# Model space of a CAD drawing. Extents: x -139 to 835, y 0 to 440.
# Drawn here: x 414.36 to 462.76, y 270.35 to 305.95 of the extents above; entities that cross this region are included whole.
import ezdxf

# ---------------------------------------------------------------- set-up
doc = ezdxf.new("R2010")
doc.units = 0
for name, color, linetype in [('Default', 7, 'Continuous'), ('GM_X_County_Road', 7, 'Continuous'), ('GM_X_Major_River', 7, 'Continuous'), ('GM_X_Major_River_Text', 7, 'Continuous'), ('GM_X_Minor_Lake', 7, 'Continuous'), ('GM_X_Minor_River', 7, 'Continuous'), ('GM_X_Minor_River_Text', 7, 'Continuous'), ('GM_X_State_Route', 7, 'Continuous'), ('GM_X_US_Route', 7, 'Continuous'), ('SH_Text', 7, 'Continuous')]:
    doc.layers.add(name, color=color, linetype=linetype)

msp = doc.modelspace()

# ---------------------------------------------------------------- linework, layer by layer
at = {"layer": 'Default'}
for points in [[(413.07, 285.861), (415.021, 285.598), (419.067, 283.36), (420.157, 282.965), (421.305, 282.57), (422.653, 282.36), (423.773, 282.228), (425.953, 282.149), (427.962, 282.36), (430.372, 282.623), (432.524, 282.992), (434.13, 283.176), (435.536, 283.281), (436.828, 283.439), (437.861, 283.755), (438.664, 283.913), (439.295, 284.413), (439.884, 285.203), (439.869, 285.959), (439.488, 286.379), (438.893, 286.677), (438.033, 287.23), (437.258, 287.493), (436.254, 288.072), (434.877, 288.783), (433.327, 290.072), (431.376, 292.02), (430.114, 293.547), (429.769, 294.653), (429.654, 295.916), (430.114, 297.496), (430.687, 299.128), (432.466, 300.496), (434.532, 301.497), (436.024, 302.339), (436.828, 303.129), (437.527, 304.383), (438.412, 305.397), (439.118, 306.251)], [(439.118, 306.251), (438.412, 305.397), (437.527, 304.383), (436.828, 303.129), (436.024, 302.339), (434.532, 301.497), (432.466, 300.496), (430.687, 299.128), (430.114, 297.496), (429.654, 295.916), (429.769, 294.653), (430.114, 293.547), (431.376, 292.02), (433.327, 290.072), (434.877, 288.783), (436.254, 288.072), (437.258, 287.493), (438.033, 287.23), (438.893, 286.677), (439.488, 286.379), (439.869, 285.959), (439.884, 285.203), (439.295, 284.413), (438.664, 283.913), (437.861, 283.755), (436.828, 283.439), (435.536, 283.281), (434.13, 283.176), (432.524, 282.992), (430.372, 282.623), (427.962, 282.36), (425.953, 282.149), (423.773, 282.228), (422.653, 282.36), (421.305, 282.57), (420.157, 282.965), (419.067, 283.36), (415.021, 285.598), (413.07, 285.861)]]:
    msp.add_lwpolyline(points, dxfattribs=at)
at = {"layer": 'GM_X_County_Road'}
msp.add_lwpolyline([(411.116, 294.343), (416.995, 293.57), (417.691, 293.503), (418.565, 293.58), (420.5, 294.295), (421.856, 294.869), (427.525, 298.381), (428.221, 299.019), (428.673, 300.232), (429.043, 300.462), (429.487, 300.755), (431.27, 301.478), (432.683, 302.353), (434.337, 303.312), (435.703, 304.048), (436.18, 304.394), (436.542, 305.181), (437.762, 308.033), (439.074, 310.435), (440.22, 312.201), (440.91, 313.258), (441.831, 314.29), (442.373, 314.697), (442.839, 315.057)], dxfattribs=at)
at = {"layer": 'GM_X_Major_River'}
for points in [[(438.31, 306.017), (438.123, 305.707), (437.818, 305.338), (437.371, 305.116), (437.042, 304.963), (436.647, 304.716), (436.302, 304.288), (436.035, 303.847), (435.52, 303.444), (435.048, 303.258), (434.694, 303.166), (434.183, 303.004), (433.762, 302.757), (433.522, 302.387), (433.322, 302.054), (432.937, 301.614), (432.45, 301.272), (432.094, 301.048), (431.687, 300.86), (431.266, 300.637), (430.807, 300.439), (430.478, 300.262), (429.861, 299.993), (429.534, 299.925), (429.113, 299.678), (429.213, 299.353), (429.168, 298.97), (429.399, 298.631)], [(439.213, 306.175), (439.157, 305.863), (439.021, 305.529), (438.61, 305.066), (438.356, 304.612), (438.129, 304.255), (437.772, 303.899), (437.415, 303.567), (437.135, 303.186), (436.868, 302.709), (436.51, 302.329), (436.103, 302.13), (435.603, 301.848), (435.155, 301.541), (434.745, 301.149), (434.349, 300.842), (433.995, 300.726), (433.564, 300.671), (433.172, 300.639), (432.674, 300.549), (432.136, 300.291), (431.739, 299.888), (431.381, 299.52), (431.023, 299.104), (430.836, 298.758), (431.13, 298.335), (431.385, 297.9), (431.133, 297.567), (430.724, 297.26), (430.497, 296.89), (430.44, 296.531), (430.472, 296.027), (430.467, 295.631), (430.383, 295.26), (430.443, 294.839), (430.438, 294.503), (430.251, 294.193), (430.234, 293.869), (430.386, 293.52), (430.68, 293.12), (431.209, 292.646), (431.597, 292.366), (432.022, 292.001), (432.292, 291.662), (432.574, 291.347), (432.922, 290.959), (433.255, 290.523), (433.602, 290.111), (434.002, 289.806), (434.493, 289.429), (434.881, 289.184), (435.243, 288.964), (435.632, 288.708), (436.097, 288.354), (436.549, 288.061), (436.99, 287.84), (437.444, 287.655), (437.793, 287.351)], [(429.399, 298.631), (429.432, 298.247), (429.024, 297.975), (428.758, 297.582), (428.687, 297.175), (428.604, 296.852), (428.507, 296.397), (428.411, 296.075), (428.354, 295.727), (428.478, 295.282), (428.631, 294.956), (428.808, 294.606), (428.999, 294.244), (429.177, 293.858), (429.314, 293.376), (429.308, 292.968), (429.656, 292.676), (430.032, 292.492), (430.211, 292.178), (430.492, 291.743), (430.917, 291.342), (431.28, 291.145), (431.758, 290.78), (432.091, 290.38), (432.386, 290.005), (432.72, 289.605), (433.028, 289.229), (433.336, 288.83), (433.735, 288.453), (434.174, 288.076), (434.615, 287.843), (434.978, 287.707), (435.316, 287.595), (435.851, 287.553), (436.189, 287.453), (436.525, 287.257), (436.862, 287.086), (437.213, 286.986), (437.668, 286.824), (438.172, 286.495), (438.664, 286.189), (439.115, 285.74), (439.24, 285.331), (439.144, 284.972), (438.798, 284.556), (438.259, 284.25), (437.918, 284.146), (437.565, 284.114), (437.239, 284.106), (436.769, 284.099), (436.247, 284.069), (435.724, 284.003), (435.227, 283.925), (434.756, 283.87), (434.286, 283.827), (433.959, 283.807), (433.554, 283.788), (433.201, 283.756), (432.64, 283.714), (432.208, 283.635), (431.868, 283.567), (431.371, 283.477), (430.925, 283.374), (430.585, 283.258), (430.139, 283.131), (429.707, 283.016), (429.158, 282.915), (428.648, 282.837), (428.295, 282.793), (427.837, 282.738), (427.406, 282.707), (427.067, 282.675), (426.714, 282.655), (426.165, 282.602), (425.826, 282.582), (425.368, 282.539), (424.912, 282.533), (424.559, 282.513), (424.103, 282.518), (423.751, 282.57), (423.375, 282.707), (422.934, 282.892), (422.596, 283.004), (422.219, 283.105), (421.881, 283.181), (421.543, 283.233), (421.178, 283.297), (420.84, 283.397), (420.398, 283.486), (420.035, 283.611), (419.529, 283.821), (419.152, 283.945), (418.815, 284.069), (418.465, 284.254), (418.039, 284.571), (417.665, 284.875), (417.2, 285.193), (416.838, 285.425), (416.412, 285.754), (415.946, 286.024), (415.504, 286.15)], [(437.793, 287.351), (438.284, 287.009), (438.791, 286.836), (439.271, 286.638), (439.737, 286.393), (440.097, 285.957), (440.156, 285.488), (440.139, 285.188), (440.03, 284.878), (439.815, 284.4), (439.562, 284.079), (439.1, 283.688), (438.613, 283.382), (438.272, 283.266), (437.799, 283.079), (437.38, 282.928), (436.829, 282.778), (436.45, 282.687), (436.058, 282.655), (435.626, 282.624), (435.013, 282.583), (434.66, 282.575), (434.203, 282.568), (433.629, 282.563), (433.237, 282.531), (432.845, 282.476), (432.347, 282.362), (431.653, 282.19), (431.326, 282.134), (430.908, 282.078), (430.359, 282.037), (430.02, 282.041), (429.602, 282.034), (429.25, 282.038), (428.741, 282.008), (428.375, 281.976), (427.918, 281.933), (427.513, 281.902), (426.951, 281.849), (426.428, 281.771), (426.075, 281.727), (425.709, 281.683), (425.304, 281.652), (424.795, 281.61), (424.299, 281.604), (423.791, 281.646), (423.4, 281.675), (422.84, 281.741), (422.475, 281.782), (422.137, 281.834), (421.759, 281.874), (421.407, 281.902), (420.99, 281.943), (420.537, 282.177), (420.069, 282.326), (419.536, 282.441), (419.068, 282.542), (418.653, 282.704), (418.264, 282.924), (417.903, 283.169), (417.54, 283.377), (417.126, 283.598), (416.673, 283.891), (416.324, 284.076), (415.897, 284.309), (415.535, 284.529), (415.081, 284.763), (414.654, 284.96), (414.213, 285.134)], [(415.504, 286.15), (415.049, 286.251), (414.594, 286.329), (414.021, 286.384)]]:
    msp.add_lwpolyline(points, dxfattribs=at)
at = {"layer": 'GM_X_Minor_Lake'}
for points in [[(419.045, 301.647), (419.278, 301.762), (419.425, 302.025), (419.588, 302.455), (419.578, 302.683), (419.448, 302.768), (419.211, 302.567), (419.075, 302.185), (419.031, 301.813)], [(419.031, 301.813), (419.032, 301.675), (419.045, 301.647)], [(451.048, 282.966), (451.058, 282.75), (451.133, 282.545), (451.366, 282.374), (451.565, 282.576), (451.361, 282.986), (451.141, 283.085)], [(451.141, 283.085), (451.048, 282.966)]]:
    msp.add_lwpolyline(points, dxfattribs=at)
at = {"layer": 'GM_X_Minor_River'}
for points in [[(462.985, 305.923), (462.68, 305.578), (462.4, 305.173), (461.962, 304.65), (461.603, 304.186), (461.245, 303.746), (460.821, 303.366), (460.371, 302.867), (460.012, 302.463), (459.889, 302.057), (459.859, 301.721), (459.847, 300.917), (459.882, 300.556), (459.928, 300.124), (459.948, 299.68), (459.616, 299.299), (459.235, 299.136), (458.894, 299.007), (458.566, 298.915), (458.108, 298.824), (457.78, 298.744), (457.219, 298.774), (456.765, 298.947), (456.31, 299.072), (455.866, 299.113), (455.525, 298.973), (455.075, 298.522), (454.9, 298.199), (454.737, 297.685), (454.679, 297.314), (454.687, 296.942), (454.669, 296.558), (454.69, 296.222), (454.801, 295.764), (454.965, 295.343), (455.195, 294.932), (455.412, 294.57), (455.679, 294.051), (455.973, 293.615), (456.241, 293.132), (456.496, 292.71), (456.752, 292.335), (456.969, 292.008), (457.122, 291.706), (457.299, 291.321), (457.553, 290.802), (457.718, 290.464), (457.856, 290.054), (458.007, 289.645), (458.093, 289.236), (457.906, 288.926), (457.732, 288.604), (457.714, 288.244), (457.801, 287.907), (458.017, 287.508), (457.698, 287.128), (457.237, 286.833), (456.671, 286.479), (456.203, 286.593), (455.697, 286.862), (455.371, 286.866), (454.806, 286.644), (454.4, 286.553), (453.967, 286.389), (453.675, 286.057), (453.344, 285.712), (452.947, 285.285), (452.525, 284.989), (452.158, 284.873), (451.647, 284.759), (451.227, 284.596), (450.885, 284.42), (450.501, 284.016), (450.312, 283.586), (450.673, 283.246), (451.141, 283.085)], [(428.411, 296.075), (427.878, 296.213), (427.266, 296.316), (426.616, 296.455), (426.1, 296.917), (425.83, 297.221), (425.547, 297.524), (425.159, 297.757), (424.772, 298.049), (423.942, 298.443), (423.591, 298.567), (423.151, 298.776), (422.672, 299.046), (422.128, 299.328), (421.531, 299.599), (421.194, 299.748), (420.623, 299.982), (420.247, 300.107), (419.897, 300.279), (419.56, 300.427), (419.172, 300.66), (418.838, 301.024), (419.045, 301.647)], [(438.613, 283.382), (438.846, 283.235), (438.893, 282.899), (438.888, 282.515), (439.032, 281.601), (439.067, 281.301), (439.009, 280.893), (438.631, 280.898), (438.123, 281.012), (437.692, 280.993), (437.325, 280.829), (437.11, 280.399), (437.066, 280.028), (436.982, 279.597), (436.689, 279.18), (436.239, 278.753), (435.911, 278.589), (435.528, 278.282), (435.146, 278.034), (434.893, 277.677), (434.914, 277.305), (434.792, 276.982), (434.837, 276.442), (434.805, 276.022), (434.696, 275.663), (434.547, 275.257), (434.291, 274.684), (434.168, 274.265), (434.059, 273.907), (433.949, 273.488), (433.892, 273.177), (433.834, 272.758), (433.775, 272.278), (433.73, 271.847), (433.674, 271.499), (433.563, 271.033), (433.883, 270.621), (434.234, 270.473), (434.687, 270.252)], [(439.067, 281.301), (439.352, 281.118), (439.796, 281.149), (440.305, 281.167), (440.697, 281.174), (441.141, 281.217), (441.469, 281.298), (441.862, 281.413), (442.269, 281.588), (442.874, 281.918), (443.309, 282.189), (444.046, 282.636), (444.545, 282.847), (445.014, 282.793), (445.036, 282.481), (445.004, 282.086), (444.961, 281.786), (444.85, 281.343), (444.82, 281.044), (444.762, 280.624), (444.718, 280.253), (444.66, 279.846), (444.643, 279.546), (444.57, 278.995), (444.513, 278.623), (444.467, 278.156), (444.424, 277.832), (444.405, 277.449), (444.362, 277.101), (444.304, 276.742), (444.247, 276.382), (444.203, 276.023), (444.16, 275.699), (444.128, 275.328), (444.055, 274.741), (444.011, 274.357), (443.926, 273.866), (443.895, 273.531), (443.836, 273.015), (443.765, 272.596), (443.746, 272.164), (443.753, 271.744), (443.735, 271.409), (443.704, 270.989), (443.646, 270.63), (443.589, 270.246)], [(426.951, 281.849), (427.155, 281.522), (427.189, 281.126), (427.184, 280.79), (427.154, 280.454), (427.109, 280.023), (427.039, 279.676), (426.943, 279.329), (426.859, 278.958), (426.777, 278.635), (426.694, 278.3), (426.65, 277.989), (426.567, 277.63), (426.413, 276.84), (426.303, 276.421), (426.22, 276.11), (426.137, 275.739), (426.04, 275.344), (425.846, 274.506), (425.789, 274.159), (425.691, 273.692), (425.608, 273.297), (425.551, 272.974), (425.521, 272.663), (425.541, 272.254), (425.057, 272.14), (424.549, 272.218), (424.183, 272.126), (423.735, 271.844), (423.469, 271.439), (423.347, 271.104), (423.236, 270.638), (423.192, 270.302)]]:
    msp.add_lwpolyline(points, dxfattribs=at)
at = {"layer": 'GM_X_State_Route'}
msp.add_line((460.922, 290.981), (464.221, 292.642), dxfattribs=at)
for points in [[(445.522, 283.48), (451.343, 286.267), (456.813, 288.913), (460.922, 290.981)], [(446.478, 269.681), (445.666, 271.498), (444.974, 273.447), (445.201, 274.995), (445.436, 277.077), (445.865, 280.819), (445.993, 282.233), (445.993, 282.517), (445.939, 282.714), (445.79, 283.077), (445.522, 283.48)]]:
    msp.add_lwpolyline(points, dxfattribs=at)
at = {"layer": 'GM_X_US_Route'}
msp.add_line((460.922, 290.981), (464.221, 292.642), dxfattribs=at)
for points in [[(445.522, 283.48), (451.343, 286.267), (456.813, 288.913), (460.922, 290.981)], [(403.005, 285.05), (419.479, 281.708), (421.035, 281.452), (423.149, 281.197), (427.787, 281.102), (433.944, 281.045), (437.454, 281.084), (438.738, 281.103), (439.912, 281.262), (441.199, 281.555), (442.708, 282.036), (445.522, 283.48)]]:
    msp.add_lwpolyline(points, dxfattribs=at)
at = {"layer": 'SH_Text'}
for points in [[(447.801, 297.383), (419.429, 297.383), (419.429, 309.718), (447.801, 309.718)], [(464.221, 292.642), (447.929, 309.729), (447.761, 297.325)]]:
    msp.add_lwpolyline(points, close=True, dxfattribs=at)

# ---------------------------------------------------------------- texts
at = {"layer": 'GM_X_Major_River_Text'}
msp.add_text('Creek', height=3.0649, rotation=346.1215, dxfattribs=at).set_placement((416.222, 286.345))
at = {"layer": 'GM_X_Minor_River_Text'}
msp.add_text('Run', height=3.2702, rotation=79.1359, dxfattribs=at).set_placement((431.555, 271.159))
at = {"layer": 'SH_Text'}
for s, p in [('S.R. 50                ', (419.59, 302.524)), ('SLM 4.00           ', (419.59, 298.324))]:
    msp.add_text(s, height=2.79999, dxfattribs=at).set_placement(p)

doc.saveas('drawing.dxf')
____________________
» Assignment
Return the lines from the line containing "msp.add_lwpolyline(points, close=True, dxfattribs=at)" to the end of the entries above, exactly as they appear and with no other output.

» Result of the exercise
    msp.add_lwpolyline(points, close=True, dxfattribs=at)

# ---------------------------------------------------------------- texts
at = {"layer": 'GM_X_Major_River_Text'}
msp.add_text('Creek', height=3.0649, rotation=346.1215, dxfattribs=at).set_placement((416.222, 286.345))
at = {"layer": 'GM_X_Minor_River_Text'}
msp.add_text('Run', height=3.2702, rotation=79.1359, dxfattribs=at).set_placement((431.555, 271.159))
at = {"layer": 'SH_Text'}
for s, p in [('S.R. 50                ', (419.59, 302.524)), ('SLM 4.00           ', (419.59, 298.324))]:
    msp.add_text(s, height=2.79999, dxfattribs=at).set_placement(p)

doc.saveas('drawing.dxf')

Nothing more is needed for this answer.